**Problem details:**
In the copy, keep every word of the data below and none of its pictures.

**Record extracts:**
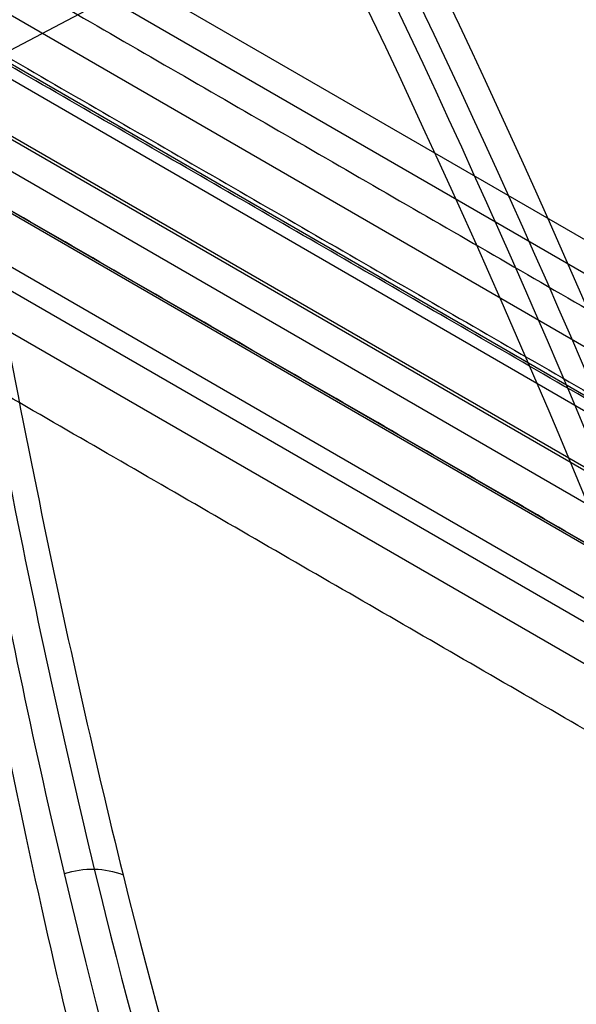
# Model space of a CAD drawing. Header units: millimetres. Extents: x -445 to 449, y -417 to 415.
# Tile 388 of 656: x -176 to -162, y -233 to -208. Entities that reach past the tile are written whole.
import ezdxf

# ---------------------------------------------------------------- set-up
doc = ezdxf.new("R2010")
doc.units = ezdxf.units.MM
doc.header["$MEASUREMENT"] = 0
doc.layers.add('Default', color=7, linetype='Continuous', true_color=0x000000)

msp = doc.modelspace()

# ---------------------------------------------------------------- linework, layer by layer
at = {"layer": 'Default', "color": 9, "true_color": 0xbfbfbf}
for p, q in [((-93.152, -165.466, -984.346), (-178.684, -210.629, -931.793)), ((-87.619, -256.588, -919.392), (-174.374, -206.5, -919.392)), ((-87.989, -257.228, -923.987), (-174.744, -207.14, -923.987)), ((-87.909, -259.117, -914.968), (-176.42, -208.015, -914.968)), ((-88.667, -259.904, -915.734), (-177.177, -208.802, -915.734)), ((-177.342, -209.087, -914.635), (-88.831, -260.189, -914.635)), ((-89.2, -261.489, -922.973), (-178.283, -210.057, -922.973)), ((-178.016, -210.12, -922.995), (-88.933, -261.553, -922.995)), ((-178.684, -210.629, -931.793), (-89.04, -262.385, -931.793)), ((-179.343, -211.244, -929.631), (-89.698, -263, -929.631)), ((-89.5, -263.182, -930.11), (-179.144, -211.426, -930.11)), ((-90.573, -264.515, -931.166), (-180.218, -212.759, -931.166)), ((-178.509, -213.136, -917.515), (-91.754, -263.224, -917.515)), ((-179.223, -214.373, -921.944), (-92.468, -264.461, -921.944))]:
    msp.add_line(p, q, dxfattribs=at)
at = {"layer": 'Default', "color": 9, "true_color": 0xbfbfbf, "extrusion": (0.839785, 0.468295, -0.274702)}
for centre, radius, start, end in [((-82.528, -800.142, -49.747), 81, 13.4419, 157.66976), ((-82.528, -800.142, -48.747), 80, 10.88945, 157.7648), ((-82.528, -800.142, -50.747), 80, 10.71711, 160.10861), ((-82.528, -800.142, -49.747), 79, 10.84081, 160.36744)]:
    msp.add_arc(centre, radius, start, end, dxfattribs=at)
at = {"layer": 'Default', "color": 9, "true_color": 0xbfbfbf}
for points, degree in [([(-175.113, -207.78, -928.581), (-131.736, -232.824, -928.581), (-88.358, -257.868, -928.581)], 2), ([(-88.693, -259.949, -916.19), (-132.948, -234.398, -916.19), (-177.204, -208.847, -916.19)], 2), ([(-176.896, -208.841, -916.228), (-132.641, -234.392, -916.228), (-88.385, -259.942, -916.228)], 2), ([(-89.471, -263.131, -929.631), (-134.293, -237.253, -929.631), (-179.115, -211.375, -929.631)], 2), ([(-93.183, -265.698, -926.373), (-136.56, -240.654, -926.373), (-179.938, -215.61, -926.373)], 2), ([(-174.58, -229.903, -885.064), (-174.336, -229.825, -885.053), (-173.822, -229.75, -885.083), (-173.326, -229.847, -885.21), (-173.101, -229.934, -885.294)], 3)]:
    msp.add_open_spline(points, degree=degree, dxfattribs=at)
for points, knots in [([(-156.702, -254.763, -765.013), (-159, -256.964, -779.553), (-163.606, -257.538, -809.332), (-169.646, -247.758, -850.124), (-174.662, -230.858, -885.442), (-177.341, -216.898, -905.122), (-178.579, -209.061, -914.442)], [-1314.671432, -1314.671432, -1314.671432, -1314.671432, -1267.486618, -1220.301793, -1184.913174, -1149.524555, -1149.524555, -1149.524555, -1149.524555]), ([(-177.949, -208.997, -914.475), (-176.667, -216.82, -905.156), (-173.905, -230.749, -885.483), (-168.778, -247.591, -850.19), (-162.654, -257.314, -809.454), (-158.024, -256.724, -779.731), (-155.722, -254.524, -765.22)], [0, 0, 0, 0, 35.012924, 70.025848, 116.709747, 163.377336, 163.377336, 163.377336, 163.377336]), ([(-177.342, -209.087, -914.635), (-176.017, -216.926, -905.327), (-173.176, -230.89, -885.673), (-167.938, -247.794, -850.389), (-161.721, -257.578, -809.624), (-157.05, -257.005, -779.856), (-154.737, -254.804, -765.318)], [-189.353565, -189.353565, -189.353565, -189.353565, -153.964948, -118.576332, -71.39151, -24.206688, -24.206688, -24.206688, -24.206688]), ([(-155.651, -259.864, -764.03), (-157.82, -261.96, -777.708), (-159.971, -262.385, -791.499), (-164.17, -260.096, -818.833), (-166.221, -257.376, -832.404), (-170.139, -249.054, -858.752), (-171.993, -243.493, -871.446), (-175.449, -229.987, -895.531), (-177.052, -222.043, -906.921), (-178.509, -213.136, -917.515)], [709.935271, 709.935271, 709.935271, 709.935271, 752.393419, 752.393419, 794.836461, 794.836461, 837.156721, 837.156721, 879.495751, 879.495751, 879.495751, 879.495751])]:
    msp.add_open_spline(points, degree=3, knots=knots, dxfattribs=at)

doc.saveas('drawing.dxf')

**Result of this exercise:**
# Model space of a CAD drawing. Header units: millimetres. Extents: x -445 to 449, y -417 to 415.
# Tile 388 of 656: x -176 to -162, y -233 to -208. Entities that reach past the tile are written whole.
import ezdxf

# ---------------------------------------------------------------- set-up
doc = ezdxf.new("R2010")
doc.units = ezdxf.units.MM
doc.header["$MEASUREMENT"] = 0
doc.layers.add('Default', color=7, linetype='Continuous', true_color=0x000000)

msp = doc.modelspace()

# ---------------------------------------------------------------- linework, layer by layer
at = {"layer": 'Default', "color": 9, "true_color": 0xbfbfbf}
for p, q in [((-93.152, -165.466, -984.346), (-178.684, -210.629, -931.793)), ((-87.619, -256.588, -919.392), (-174.374, -206.5, -919.392)), ((-87.989, -257.228, -923.987), (-174.744, -207.14, -923.987)), ((-87.909, -259.117, -914.968), (-176.42, -208.015, -914.968)), ((-88.667, -259.904, -915.734), (-177.177, -208.802, -915.734)), ((-177.342, -209.087, -914.635), (-88.831, -260.189, -914.635)), ((-89.2, -261.489, -922.973), (-178.283, -210.057, -922.973)), ((-178.016, -210.12, -922.995), (-88.933, -261.553, -922.995)), ((-178.684, -210.629, -931.793), (-89.04, -262.385, -931.793)), ((-179.343, -211.244, -929.631), (-89.698, -263, -929.631)), ((-89.5, -263.182, -930.11), (-179.144, -211.426, -930.11)), ((-90.573, -264.515, -931.166), (-180.218, -212.759, -931.166)), ((-178.509, -213.136, -917.515), (-91.754, -263.224, -917.515)), ((-179.223, -214.373, -921.944), (-92.468, -264.461, -921.944))]:
    msp.add_line(p, q, dxfattribs=at)
at = {"layer": 'Default', "color": 9, "true_color": 0xbfbfbf, "extrusion": (0.839785, 0.468295, -0.274702)}
for centre, radius, start, end in [((-82.528, -800.142, -49.747), 81, 13.4419, 157.66976), ((-82.528, -800.142, -48.747), 80, 10.88945, 157.7648), ((-82.528, -800.142, -50.747), 80, 10.71711, 160.10861), ((-82.528, -800.142, -49.747), 79, 10.84081, 160.36744)]:
    msp.add_arc(centre, radius, start, end, dxfattribs=at)
at = {"layer": 'Default', "color": 9, "true_color": 0xbfbfbf}
for points, degree in [([(-175.113, -207.78, -928.581), (-131.736, -232.824, -928.581), (-88.358, -257.868, -928.581)], 2), ([(-88.693, -259.949, -916.19), (-132.948, -234.398, -916.19), (-177.204, -208.847, -916.19)], 2), ([(-176.896, -208.841, -916.228), (-132.641, -234.392, -916.228), (-88.385, -259.942, -916.228)], 2), ([(-89.471, -263.131, -929.631), (-134.293, -237.253, -929.631), (-179.115, -211.375, -929.631)], 2), ([(-93.183, -265.698, -926.373), (-136.56, -240.654, -926.373), (-179.938, -215.61, -926.373)], 2), ([(-174.58, -229.903, -885.064), (-174.336, -229.825, -885.053), (-173.822, -229.75, -885.083), (-173.326, -229.847, -885.21), (-173.101, -229.934, -885.294)], 3)]:
    msp.add_open_spline(points, degree=degree, dxfattribs=at)
for points, knots in [([(-156.702, -254.763, -765.013), (-159, -256.964, -779.553), (-163.606, -257.538, -809.332), (-169.646, -247.758, -850.124), (-174.662, -230.858, -885.442), (-177.341, -216.898, -905.122), (-178.579, -209.061, -914.442)], [-1314.671432, -1314.671432, -1314.671432, -1314.671432, -1267.486618, -1220.301793, -1184.913174, -1149.524555, -1149.524555, -1149.524555, -1149.524555]), ([(-177.949, -208.997, -914.475), (-176.667, -216.82, -905.156), (-173.905, -230.749, -885.483), (-168.778, -247.591, -850.19), (-162.654, -257.314, -809.454), (-158.024, -256.724, -779.731), (-155.722, -254.524, -765.22)], [0, 0, 0, 0, 35.012924, 70.025848, 116.709747, 163.377336, 163.377336, 163.377336, 163.377336]), ([(-177.342, -209.087, -914.635), (-176.017, -216.926, -905.327), (-173.176, -230.89, -885.673), (-167.938, -247.794, -850.389), (-161.721, -257.578, -809.624), (-157.05, -257.005, -779.856), (-154.737, -254.804, -765.318)], [-189.353565, -189.353565, -189.353565, -189.353565, -153.964948, -118.576332, -71.39151, -24.206688, -24.206688, -24.206688, -24.206688]), ([(-155.651, -259.864, -764.03), (-157.82, -261.96, -777.708), (-159.971, -262.385, -791.499), (-164.17, -260.096, -818.833), (-166.221, -257.376, -832.404), (-170.139, -249.054, -858.752), (-171.993, -243.493, -871.446), (-175.449, -229.987, -895.531), (-177.052, -222.043, -906.921), (-178.509, -213.136, -917.515)], [709.935271, 709.935271, 709.935271, 709.935271, 752.393419, 752.393419, 794.836461, 794.836461, 837.156721, 837.156721, 879.495751, 879.495751, 879.495751, 879.495751])]:
    msp.add_open_spline(points, degree=3, knots=knots, dxfattribs=at)

doc.saveas('drawing.dxf')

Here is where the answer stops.